8. How would you rate your hardware knowledge from the count of 1-10? (1 being the lowest, 5 being you are somewhat in sync with the current performers and 10 being the highest)
A: 7 but I can get hardware technical support from my work colleges (I work in outsourcing firm)

9. Have you ever built a desktop before or will this be done by an assembler?
A:Yes. But not the small size. This will be the very first time building ITX machine. 

10. When are you planning to buy the system?
A: I have budget ready. Willing to wait for more reasonable deals. SWEET DISCOUNTS 

11. Are you one of the types looking out for "future proof" configurations?
A: Yes. Would like to use good case with proper cooling and good psu. No plan for more major upgrades within coming 5 years

12. Are there going to be any components that you don't want to include in this new rig? If yes, do mention.
A: No Ram cooler

13. Which city do you live in and are you open to buying from shops from other city/states?
A: Mumbai, I could travel to ahmedabad too. 

14. Mention any other points if deemed necessary
A: 
Current Planned build 
mini-ITX intel/asus h77 chipset motherboard 9000Rs?
core i7 3770k /i5 3570k processor 21500/15000Rs?
Seagate Barracuda 2/3/4TB (2 or more) year  warranty. will go for most cost effective one. 6500/9000/....?
RAM DDR3-1600 8GB*2 kit price . If prices are unreasonably high, will go for 4GB *2.  6500Rs?
GPU  HD7850 . If better card with good price offer is available, will go for higher.  17000Rs?
PSU  650W  5000Rs?
totalling above will be 60k plus Rs without case,coolers and monitors.

I haven`t decided which case I would use. I have little knowledge on ITX cases. I personally preferred silverstone tek cases but their prices are ridiculously sky high. 

My price information above are collected after one visit to lamington road. They might not be the best offers since I can`t negotiate price (I do not speak hindi/marathi and I am originally bad at negotiating). I am trying to trim the cost in all means. If prices in nearby states are more reasonable, I might very well be vistiing there. 
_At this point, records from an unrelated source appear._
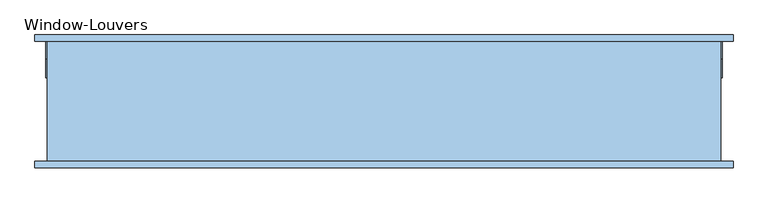
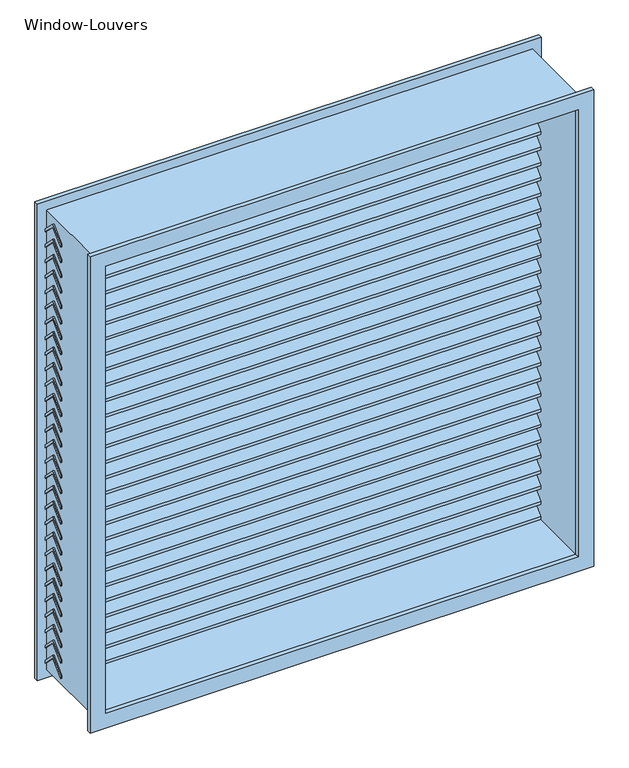
"""IFC4 building model written with IfcOpenShell, lengths in millimetres: window geometry, Window-Louvers : H_WD_AR_B11_Louver_Steel_W1450xH1450."""

from ifc_helpers import new_model, si_unit, frame, origin, place, context, project, spatial, polyline, outline, extrude, source, transform, mapped, element, save


def window_louvers_5883d314(model_context):
    return source(origin(), model_context, "Body", "SweptSolid", [
        extrude(outline(polyline([(118.65, 2234.4100091), (118.65, 2225.429753), (80.55, 2263.529753), (42.45, 2225.429753), (42.45, 2234.4100091), (80.55, 2272.5100091), (118.65, 2234.4100091)])), frame((-702.5, 0.0, 0.0), z_axis=(1.0, 0.0, 0.0), x_axis=(0.0, 1.0, 0.0)), (0.0, 0.0, 1.0), 1405.0),
        extrude(outline(polyline([(118.65, 2187.5200183), (118.65, 2178.5397622), (80.55, 2216.6397622), (42.45, 2178.5397622), (42.45, 2187.5200183), (80.55, 2225.6200183), (118.65, 2187.5200183)])), frame((-702.5, 0.0, 0.0), z_axis=(1.0, 0.0, 0.0), x_axis=(0.0, 1.0, 0.0)), (0.0, 0.0, 1.0), 1405.0),
        extrude(outline(polyline([(118.65, 2140.6300274), (118.65, 2131.6497713), (80.55, 2169.7497713), (42.45, 2131.6497713), (42.45, 2140.6300274), (80.55, 2178.7300274), (118.65, 2140.6300274)])), frame((-702.5, 0.0, 0.0), z_axis=(1.0, 0.0, 0.0), x_axis=(0.0, 1.0, 0.0)), (0.0, 0.0, 1.0), 1405.0),
        extrude(outline(polyline([(118.65, 2093.7400366), (118.65, 2084.7597805), (80.55, 2122.8597805), (42.45, 2084.7597805), (42.45, 2093.7400366), (80.55, 2131.8400366), (118.65, 2093.7400366)])), frame((-702.5, 0.0, 0.0), z_axis=(1.0, 0.0, 0.0), x_axis=(0.0, 1.0, 0.0)), (0.0, 0.0, 1.0), 1405.0),
        extrude(outline(polyline([(118.65, 2046.8500457), (118.65, 2037.8697896), (80.55, 2075.9697896), (42.45, 2037.8697896), (42.45, 2046.8500457), (80.55, 2084.9500457), (118.65, 2046.8500457)])), frame((-702.5, 0.0, 0.0), z_axis=(1.0, 0.0, 0.0), x_axis=(0.0, 1.0, 0.0)), (0.0, 0.0, 1.0), 1405.0),
        extrude(outline(polyline([(118.65, 1999.9600549), (118.65, 1990.9797988), (80.55, 2029.0797988), (42.45, 1990.9797988), (42.45, 1999.9600549), (80.55, 2038.0600549), (118.65, 1999.9600549)])), frame((-702.5, 0.0, 0.0), z_axis=(1.0, 0.0, 0.0), x_axis=(0.0, 1.0, 0.0)), (0.0, 0.0, 1.0), 1405.0),
        extrude(outline(polyline([(118.65, 1953.070064), (118.65, 1944.0898079), (80.55, 1982.1898079), (42.45, 1944.0898079), (42.45, 1953.070064), (80.55, 1991.170064), (118.65, 1953.070064)])), frame((-702.5, 0.0, 0.0), z_axis=(1.0, 0.0, 0.0), x_axis=(0.0, 1.0, 0.0)), (0.0, 0.0, 1.0), 1405.0),
        extrude(outline(polyline([(118.65, 1906.1800732), (118.65, 1897.1998171), (80.55, 1935.2998171), (42.45, 1897.1998171), (42.45, 1906.1800732), (80.55, 1944.2800732), (118.65, 1906.1800732)])), frame((-702.5, 0.0, 0.0), z_axis=(1.0, 0.0, 0.0), x_axis=(0.0, 1.0, 0.0)), (0.0, 0.0, 1.0), 1405.0),
        extrude(outline(polyline([(118.65, 1859.2900823), (118.65, 1850.3098262), (80.55, 1888.4098262), (42.45, 1850.3098262), (42.45, 1859.2900823), (80.55, 1897.3900823), (118.65, 1859.2900823)])), frame((-702.5, 0.0, 0.0), z_axis=(1.0, 0.0, 0.0), x_axis=(0.0, 1.0, 0.0)), (0.0, 0.0, 1.0), 1405.0),
        extrude(outline(polyline([(118.65, 1812.4000915), (118.65, 1803.4198354), (80.55, 1841.5198354), (42.45, 1803.4198354), (42.45, 1812.4000915), (80.55, 1850.5000915), (118.65, 1812.4000915)])), frame((-702.5, 0.0, 0.0), z_axis=(1.0, 0.0, 0.0), x_axis=(0.0, 1.0, 0.0)), (0.0, 0.0, 1.0), 1405.0),
        extrude(outline(polyline([(118.65, 1765.5101006), (118.65, 1756.5298445), (80.55, 1794.6298445), (42.45, 1756.5298445), (42.45, 1765.5101006), (80.55, 1803.6101006), (118.65, 1765.5101006)])), frame((-702.5, 0.0, 0.0), z_axis=(1.0, 0.0, 0.0), x_axis=(0.0, 1.0, 0.0)), (0.0, 0.0, 1.0), 1405.0),
        extrude(outline(polyline([(118.65, 1718.6201098), (118.65, 1709.6398536), (80.55, 1747.7398536), (42.45, 1709.6398536), (42.45, 1718.6201098), (80.55, 1756.7201098), (118.65, 1718.6201098)])), frame((-702.5, 0.0, 0.0), z_axis=(1.0, 0.0, 0.0), x_axis=(0.0, 1.0, 0.0)), (0.0, 0.0, 1.0), 1405.0),
        extrude(outline(polyline([(118.65, 1671.7301189), (118.65, 1662.7498628), (80.55, 1700.8498628), (42.45, 1662.7498628), (42.45, 1671.7301189), (80.55, 1709.8301189), (118.65, 1671.7301189)])), frame((-702.5, 0.0, 0.0), z_axis=(1.0, 0.0, 0.0), x_axis=(0.0, 1.0, 0.0)), (0.0, 0.0, 1.0), 1405.0),
        extrude(outline(polyline([(118.65, 1624.8401281), (118.65, 1615.8598719), (80.55, 1653.9598719), (42.45, 1615.8598719), (42.45, 1624.8401281), (80.55, 1662.9401281), (118.65, 1624.8401281)])), frame((-702.5, 0.0, 0.0), z_axis=(1.0, 0.0, 0.0), x_axis=(0.0, 1.0, 0.0)), (0.0, 0.0, 1.0), 1405.0),
        extrude(outline(polyline([(118.65, 1577.9501372), (118.65, 1568.9698811), (80.55, 1607.0698811), (42.45, 1568.9698811), (42.45, 1577.9501372), (80.55, 1616.0501372), (118.65, 1577.9501372)])), frame((-702.5, 0.0, 0.0), z_axis=(1.0, 0.0, 0.0), x_axis=(0.0, 1.0, 0.0)), (0.0, 0.0, 1.0), 1405.0),
        extrude(outline(polyline([(118.65, 1531.0601464), (118.65, 1522.0798902), (80.55, 1560.1798902), (42.45, 1522.0798902), (42.45, 1531.0601464), (80.55, 1569.1601464), (118.65, 1531.0601464)])), frame((-702.5, 0.0, 0.0), z_axis=(1.0, 0.0, 0.0), x_axis=(0.0, 1.0, 0.0)), (0.0, 0.0, 1.0), 1405.0),
        extrude(outline(polyline([(118.65, 1484.1701555), (118.65, 1475.1898994), (80.55, 1513.2898994), (42.45, 1475.1898994), (42.45, 1484.1701555), (80.55, 1522.2701555), (118.65, 1484.1701555)])), frame((-702.5, 0.0, 0.0), z_axis=(1.0, 0.0, 0.0), x_axis=(0.0, 1.0, 0.0)), (0.0, 0.0, 1.0), 1405.0),
        extrude(outline(polyline([(118.65, 1437.2801646), (118.65, 1428.2999085), (80.55, 1466.3999085), (42.45, 1428.2999085), (42.45, 1437.2801646), (80.55, 1475.3801646), (118.65, 1437.2801646)])), frame((-702.5, 0.0, 0.0), z_axis=(1.0, 0.0, 0.0), x_axis=(0.0, 1.0, 0.0)), (0.0, 0.0, 1.0), 1405.0),
        extrude(outline(polyline([(118.65, 1390.3901738), (118.65, 1381.4099177), (80.55, 1419.5099177), (42.45, 1381.4099177), (42.45, 1390.3901738), (80.55, 1428.4901738), (118.65, 1390.3901738)])), frame((-702.5, 0.0, 0.0), z_axis=(1.0, 0.0, 0.0), x_axis=(0.0, 1.0, 0.0)), (0.0, 0.0, 1.0), 1405.0),
        extrude(outline(polyline([(118.65, 1343.5001829), (118.65, 1334.5199268), (80.55, 1372.6199268), (42.45, 1334.5199268), (42.45, 1343.5001829), (80.55, 1381.6001829), (118.65, 1343.5001829)])), frame((-702.5, 0.0, 0.0), z_axis=(1.0, 0.0, 0.0), x_axis=(0.0, 1.0, 0.0)), (0.0, 0.0, 1.0), 1405.0),
        extrude(outline(polyline([(118.65, 1296.6101921), (118.65, 1287.629936), (80.55, 1325.729936), (42.45, 1287.629936), (42.45, 1296.6101921), (80.55, 1334.7101921), (118.65, 1296.6101921)])), frame((-702.5, 0.0, 0.0), z_axis=(1.0, 0.0, 0.0), x_axis=(0.0, 1.0, 0.0)), (0.0, 0.0, 1.0), 1405.0),
        extrude(outline(polyline([(118.65, 1249.7202012), (118.65, 1240.7399451), (80.55, 1278.8399451), (42.45, 1240.7399451), (42.45, 1249.7202012), (80.55, 1287.8202012), (118.65, 1249.7202012)])), frame((-702.5, 0.0, 0.0), z_axis=(1.0, 0.0, 0.0), x_axis=(0.0, 1.0, 0.0)), (0.0, 0.0, 1.0), 1405.0),
        extrude(outline(polyline([(118.65, 1202.8302104), (118.65, 1193.8499543), (80.55, 1231.9499543), (42.45, 1193.8499543), (42.45, 1202.8302104), (80.55, 1240.9302104), (118.65, 1202.8302104)])), frame((-702.5, 0.0, 0.0), z_axis=(1.0, 0.0, 0.0), x_axis=(0.0, 1.0, 0.0)), (0.0, 0.0, 1.0), 1405.0),
        extrude(outline(polyline([(118.65, 1155.9402195), (118.65, 1146.9599634), (80.55, 1185.0599634), (42.45, 1146.9599634), (42.45, 1155.9402195), (80.55, 1194.0402195), (118.65, 1155.9402195)])), frame((-702.5, 0.0, 0.0), z_axis=(1.0, 0.0, 0.0), x_axis=(0.0, 1.0, 0.0)), (0.0, 0.0, 1.0), 1405.0),
        extrude(outline(polyline([(118.65, 1109.0502287), (118.65, 1100.0699726), (80.55, 1138.1699726), (42.45, 1100.0699726), (42.45, 1109.0502287), (80.55, 1147.1502287), (118.65, 1109.0502287)])), frame((-702.5, 0.0, 0.0), z_axis=(1.0, 0.0, 0.0), x_axis=(0.0, 1.0, 0.0)), (0.0, 0.0, 1.0), 1405.0),
        extrude(outline(polyline([(118.65, 1062.1602378), (118.65, 1053.1799817), (80.55, 1091.2799817), (42.45, 1053.1799817), (42.45, 1062.1602378), (80.55, 1100.2602378), (118.65, 1062.1602378)])), frame((-702.5, 0.0, 0.0), z_axis=(1.0, 0.0, 0.0), x_axis=(0.0, 1.0, 0.0)), (0.0, 0.0, 1.0), 1405.0),
        extrude(outline(polyline([(118.65, 1015.270247), (118.65, 1006.2899909), (80.55, 1044.3899909), (42.45, 1006.2899909), (42.45, 1015.270247), (80.55, 1053.370247), (118.65, 1015.270247)])), frame((-702.5, 0.0, 0.0), z_axis=(1.0, 0.0, 0.0), x_axis=(0.0, 1.0, 0.0)), (0.0, 0.0, 1.0), 1405.0),
        extrude(outline(polyline([(118.65, 2281.3), (118.65, 2272.3197439), (80.55, 2310.4197439), (42.45, 2272.3197439), (42.45, 2281.3), (80.55, 2319.4), (118.65, 2281.3)])), frame((-702.5, 0.0, 0.0), z_axis=(1.0, 0.0, 0.0), x_axis=(0.0, 1.0, 0.0)), (0.0, 0.0, 1.0), 1405.0),
        extrude(outline(polyline([(118.65, 968.3802561), (118.65, 959.4), (80.55, 997.5), (42.45, 959.4), (42.45, 968.3802561), (80.55, 1006.4802561), (118.65, 968.3802561)])), frame((-702.5, 0.0, 0.0), z_axis=(1.0, 0.0, 0.0), x_axis=(0.0, 1.0, 0.0)), (0.0, 0.0, 1.0), 1405.0),
        extrude(outline(polyline([(2364.4, -725.0), (914.4, -725.0), (914.4, 725.0), (2364.4, 725.0), (2364.4, -725.0)]), holes=[polyline([(2319.4, -680.0), (2319.4, 680.0), (959.4, 680.0), (959.4, -680.0), (2319.4, -680.0)])]), frame((0.0, 118.65, 0.0), z_axis=(0.0, 1.0, 0.0), x_axis=(0.0, 0.0, 1.0)), (0.0, 0.0, 1.0), 12.7),
        extrude(outline(polyline([(2364.4, 725.0), (2364.4, -725.0), (914.4, -725.0), (914.4, 725.0), (2364.4, 725.0)]), holes=[polyline([(2319.4, 680.0), (959.4, 680.0), (959.4, -680.0), (2319.4, -680.0), (2319.4, 680.0)])]), frame((0.0, -144.05, 0.0), z_axis=(0.0, 1.0, 0.0), x_axis=(0.0, 0.0, 1.0)), (0.0, 0.0, 1.0), 12.7),
        extrude(outline(polyline([(2338.45, 699.05), (2338.45, -699.05), (940.35, -699.05), (940.35, 699.05), (2338.45, 699.05)]), holes=[polyline([(2319.4, 680.0), (959.4, 680.0), (959.4, -680.0), (2319.4, -680.0), (2319.4, 680.0)])]), frame((0.0, -131.35, 0.0), z_axis=(0.0, 1.0, 0.0), x_axis=(0.0, 0.0, 1.0)), (0.0, 0.0, 1.0), 250.0),
    ])


if __name__ == "__main__":
    model = new_model("IFC4")
    model_context = context("Model", 3, world=origin())
    ifc_project = project(units=[si_unit("LENGTHUNIT", "METRE", prefix="MILLI")], contexts=[model_context])
    site = spatial("IfcSite", under=ifc_project)
    building = spatial("IfcBuilding", under=site)
    placement = place(None, origin())
    window_louvers_shape = window_louvers_5883d314(model_context)
    element("IfcWindow", 1, ObjectType="Window-Louvers : H_WD_AR_B11_Louver_Steel_W1450xH1450", at=placement, inside=building, context=model_context, shape_type="MappedRepresentation", body=[
        mapped(window_louvers_shape, transform((0.0, 0.0, 0.0), x_axis=(1.0, 0.0, 0.0), y_axis=(0.0, 1.0, 0.0), z_axis=(0.0, 0.0, 1.0))),
    ])
    save(model, "model.ifc")

# Revit data of these elements
# Type "Window-Louvers : H_WD_AR_B11_Louver_Steel_W1450xH1450"
#   Type Mark = "286"
#   Assembly Code = "B20"
#   Visual Light Transmittance = 0.9
#   Solar Heat Gain Coefficient = 0.78
#   Max Height = 1450.508 mm
#   Height = 1450 mm
#   Heat Transfer Coefficient (U) = 3.6886 W/(m²·K)
#   Blade Width [instance default] = 1405 mm
#   Blade Vertical Thickness = 8.98 mm
#   Blade Thickness = 6.35 mm
#   Blade Spacing = 38.1 mm
#   Blade Height = 47.08 mm
#   Blade Depth = 76.2 mm
#   Blade Angle = 45.00°
#   Default Sill Height = 914.4 mm
#   Trim Projection_Exterior = 12.7 mm
#   Trim Projection_Interior = 12.7 mm
#   Trim Width_Exterior = 45 mm
#   Trim Width_Interior = 45 mm
#   Width = 1450 mm
#   Max Blade Count = 30
#   Define Thermal Properties by = 1
#   Blade Count = 29
#   Frame Material = Birch
#   Louver Material = Birch
#   Trim Exterior Material = Birch
#   Trim Interior Material = Birch
#   Thermal Resistance (R) = 0
#   Construction Type Id = ""
#   Wall Closure = (empty or 0)
#   Analytic Construction = (empty or 0)
# Element 1 (IfcWindow, "Window-Louvers : H_WD_AR_B11_Louver_Steel_W1450xH1450")
#   Materials on its faces: "00_Metal_Steel"
# Materials
#   "Birch": class "Wood", colour RGB 224 178 126, transparency 0, Description = "Betula Alleghaniensis", Cost = 0
#   "00_Metal_Steel": class "Metal", colour RGB 148 148 148, transparency 0, Description = "Steel", Cost = 0, Image = Doors - Windows.Glazed Curtain Walls.Stainless Steel Curtain Wall.jpg

Your kind recommendations and advices will be well appreciated.


----------



## d3p (Aug 23, 2012)

Few Suggestions here.

1). A Z77 uATX Board from Asus will cost lesser than the Mini ITX board. So why don't you get a uATX Board. Mini ITX Board is priced at 200$ in US, so it might be more than 12k here in india.
2). Most of the Silverstone Cabinets meant for HTPC, are tad costly here in india. Either you can settle with a cheap cabinet from Cooler master or other desi brands like iBall.
3). None of the High End Cards like HD7850/GTX670 Cards can fit into a HTPC Cabinet. 

Few Modifications from the requirements & here is my suggestion.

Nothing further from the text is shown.